→ **RECORDS FOR THE EXERCISE**:
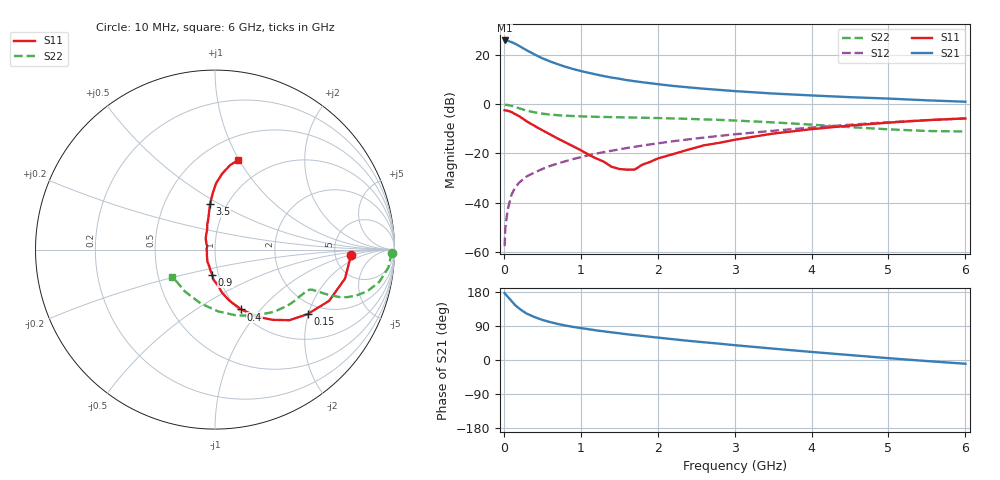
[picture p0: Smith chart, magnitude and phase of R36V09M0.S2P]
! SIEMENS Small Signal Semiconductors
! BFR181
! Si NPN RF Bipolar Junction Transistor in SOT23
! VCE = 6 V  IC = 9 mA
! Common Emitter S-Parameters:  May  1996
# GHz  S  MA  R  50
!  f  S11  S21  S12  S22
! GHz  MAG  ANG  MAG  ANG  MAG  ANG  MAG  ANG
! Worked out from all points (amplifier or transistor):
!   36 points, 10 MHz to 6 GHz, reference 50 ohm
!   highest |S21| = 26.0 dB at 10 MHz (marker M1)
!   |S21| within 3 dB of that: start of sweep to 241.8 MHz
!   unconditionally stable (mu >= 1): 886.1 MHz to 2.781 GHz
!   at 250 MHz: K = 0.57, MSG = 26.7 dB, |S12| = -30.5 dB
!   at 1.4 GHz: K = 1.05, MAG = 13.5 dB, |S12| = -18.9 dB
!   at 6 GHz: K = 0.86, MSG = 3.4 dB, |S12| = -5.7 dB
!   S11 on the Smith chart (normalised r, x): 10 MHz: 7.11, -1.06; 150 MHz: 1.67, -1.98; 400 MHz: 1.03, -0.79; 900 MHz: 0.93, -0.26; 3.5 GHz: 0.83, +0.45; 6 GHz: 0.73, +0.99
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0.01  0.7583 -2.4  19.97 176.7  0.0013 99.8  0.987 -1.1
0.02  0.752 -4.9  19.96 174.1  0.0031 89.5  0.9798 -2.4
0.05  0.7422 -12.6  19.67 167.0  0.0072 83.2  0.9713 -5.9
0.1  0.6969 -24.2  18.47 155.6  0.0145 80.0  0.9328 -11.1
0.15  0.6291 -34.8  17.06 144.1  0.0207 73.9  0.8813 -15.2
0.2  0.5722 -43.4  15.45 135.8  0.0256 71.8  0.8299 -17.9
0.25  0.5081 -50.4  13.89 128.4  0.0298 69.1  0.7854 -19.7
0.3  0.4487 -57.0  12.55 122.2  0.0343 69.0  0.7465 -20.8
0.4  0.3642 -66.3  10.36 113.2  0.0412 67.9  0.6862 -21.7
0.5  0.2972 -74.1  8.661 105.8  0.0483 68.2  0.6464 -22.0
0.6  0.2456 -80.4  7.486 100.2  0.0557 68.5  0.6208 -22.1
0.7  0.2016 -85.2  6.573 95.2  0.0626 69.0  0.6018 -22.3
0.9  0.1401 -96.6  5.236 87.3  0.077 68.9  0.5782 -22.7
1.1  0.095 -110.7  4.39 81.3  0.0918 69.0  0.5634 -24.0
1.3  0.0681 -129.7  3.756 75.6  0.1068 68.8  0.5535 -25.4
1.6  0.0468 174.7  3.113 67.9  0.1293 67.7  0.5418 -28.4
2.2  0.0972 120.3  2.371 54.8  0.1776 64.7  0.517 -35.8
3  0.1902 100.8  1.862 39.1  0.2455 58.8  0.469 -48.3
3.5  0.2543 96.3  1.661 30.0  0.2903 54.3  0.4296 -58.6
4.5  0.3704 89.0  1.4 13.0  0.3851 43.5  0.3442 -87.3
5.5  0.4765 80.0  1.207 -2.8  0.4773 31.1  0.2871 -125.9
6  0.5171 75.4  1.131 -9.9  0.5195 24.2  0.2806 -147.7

→ **TASK**: Each entry above should be returned exactly as written, minus its pictures.

→ **WRITTEN ANSWER**:
[picture p0: Smith chart, magnitude and phase of R36V09M0.S2P]
! SIEMENS Small Signal Semiconductors
! BFR181
! Si NPN RF Bipolar Junction Transistor in SOT23
! VCE = 6 V  IC = 9 mA
! Common Emitter S-Parameters:  May  1996
# GHz  S  MA  R  50
!  f  S11  S21  S12  S22
! GHz  MAG  ANG  MAG  ANG  MAG  ANG  MAG  ANG
! Worked out from all points (amplifier or transistor):
!   36 points, 10 MHz to 6 GHz, reference 50 ohm
!   highest |S21| = 26.0 dB at 10 MHz (marker M1)
!   |S21| within 3 dB of that: start of sweep to 241.8 MHz
!   unconditionally stable (mu >= 1): 886.1 MHz to 2.781 GHz
!   at 250 MHz: K = 0.57, MSG = 26.7 dB, |S12| = -30.5 dB
!   at 1.4 GHz: K = 1.05, MAG = 13.5 dB, |S12| = -18.9 dB
!   at 6 GHz: K = 0.86, MSG = 3.4 dB, |S12| = -5.7 dB
!   S11 on the Smith chart (normalised r, x): 10 MHz: 7.11, -1.06; 150 MHz: 1.67, -1.98; 400 MHz: 1.03, -0.79; 900 MHz: 0.93, -0.26; 3.5 GHz: 0.83, +0.45; 6 GHz: 0.73, +0.99
0.01  0.7583 -2.4  19.97 176.7  0.0013 99.8  0.987 -1.1
0.02  0.752 -4.9  19.96 174.1  0.0031 89.5  0.9798 -2.4
0.05  0.7422 -12.6  19.67 167.0  0.0072 83.2  0.9713 -5.9
0.1  0.6969 -24.2  18.47 155.6  0.0145 80.0  0.9328 -11.1
0.15  0.6291 -34.8  17.06 144.1  0.0207 73.9  0.8813 -15.2
0.2  0.5722 -43.4  15.45 135.8  0.0256 71.8  0.8299 -17.9
0.25  0.5081 -50.4  13.89 128.4  0.0298 69.1  0.7854 -19.7
0.3  0.4487 -57.0  12.55 122.2  0.0343 69.0  0.7465 -20.8
0.4  0.3642 -66.3  10.36 113.2  0.0412 67.9  0.6862 -21.7
0.5  0.2972 -74.1  8.661 105.8  0.0483 68.2  0.6464 -22.0
0.6  0.2456 -80.4  7.486 100.2  0.0557 68.5  0.6208 -22.1
0.7  0.2016 -85.2  6.573 95.2  0.0626 69.0  0.6018 -22.3
0.9  0.1401 -96.6  5.236 87.3  0.077 68.9  0.5782 -22.7
1.1  0.095 -110.7  4.39 81.3  0.0918 69.0  0.5634 -24.0
1.3  0.0681 -129.7  3.756 75.6  0.1068 68.8  0.5535 -25.4
1.6  0.0468 174.7  3.113 67.9  0.1293 67.7  0.5418 -28.4
2.2  0.0972 120.3  2.371 54.8  0.1776 64.7  0.517 -35.8
3  0.1902 100.8  1.862 39.1  0.2455 58.8  0.469 -48.3
3.5  0.2543 96.3  1.661 30.0  0.2903 54.3  0.4296 -58.6
4.5  0.3704 89.0  1.4 13.0  0.3851 43.5  0.3442 -87.3
5.5  0.4765 80.0  1.207 -2.8  0.4773 31.1  0.2871 -125.9
6  0.5171 75.4  1.131 -9.9  0.5195 24.2  0.2806 -147.7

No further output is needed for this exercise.